A true and fair view means that the appropriate financial framework (e.g. IFRS0 has been
compiled with. IFRS does allow different accounting policies to be applied (e.g. the cost or
revaluation method under IAS 16). Using either alternative provides a true and fair view if it has
been applied in accordance with IFRS.
b) The dismissal of an auditor
An Auditor is subjected to a dismissal if he or she fail to comply with the code of conducts/ or
fundamental principles. If the auditor get involved in irregularities such as manipulation or
causes disruptive to the profession, the professional body can easily remove the license from the
specific auditor. Auditors are expected to behave in an acceptable manner when they are in
practice, in business or in their community which is prescribed by the principles. If the auditor
fail to apply professional skepticism he or she is subjected to a dismissal following various
warnings.
c) An audit plan [5 each]
An audit plan is the specific guideline to be followed when conducting an audit. It helps the
auditor obtain sufficient appropriate evidence for the circumstances, helps keep audit costs at a
reasonable level, and helps avoid misunderstandings with the client. It includes the nature, timing
and extent of planned risk assessment procedures.

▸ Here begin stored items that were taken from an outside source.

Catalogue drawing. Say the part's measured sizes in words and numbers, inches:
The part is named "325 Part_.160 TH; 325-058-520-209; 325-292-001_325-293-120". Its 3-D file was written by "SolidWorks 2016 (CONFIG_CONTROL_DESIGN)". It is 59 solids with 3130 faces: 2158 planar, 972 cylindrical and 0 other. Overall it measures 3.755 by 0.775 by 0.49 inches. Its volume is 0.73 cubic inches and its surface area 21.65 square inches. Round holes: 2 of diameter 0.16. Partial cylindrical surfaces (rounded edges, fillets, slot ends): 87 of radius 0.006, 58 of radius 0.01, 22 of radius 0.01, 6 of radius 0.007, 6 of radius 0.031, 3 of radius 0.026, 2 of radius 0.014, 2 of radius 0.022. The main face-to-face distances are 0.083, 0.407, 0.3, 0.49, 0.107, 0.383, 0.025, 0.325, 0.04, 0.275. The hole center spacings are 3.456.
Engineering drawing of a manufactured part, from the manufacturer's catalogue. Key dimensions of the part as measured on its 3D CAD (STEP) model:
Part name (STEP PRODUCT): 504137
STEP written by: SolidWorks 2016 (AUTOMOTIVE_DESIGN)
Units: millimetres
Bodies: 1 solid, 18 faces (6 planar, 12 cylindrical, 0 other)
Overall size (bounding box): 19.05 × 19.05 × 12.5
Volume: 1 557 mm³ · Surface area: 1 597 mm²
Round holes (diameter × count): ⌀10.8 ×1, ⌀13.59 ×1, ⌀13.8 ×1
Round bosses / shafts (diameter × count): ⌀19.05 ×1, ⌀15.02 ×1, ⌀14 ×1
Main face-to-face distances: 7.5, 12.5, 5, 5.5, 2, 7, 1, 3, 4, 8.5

2. a) List and explain the principal data verification checks associated with computer data
entry. [5]

Manual checking- Manual checking of a selected previously processed transactions can be used
to verify results produced in an actual, previous processing cycle.

Control totals- Independent determination of the control totals of the control totals of actual files
by means of audit program permit checking of totals against reported totals produced by the
system.

Test data- system test data can be used to produce control totals or results that are to be checked
against predetermined totals.

b) Explain the importance and usual contents of a letter of engagement. [10]

It outlines the fee structure, responsibilities and obligations of the firm and the client. ... They
serve a bigger purpose than just business contracts though: Engagement letters help you set
expectations. Engagement letters also help lay a solid foundation for a working relationship
between a practice and their clients. Engagement letters help you reduce risk. Engagement letters
reduce scope creep. Engagement letters help you set expectations. Engagement letter include the
avoidance of possible problems between the CPA and the client concerning (1) the scope of the
work, (2) the service to be rendered, and (3) the audit fee.

d) Explain what post balance sheet events are (SSA17 or IAS 10 is the relevant
standard). [5]
Refers to events and transaction that happens or incurred after the financial reporting date for the
company. Events after the Reporting Period contains requirements for when events after the end
of the reporting period should be adjusted in the financial statements. This events are then
classified as adjusting events and non-adjusting events. Adjusting events are those providing
evidence of conditions existing at the end of the reporting period, whereas non-adjusting events
are indicative of conditions arising after the reporting period (the latter being disclosed where
material).

Adjusting Events, adjust the accounts if the event provides evidence of conditions that existed at
the period end. Examples are:
The result of a court case Debtor goes bad 5 days after SFP date
(This is evidence that debtor was bad at SFP date also)
Stock is sold at a loss 2 weeks after SFP date
Property gets impaired 3 weeks after SFP date
(This implies that the property was impaired at the SFP date also)
The discovery of fraud or error in the year.

Non-Adjusting Events - these are disclosed only. These are events (after the SFP date) that
occurred which do not give evidence of conditions at the year end, rather they are indicative of
conditions AFTER the SFP date. Examples are:
Stock is sold at a loss because they were damaged post year-end
(This is evidence that they were fine at the year-end - so no adjustment)
Property impaired due to a fall in market values generally post year end
(This is evidence that the property value was fine at the year-end - so no adjustment required).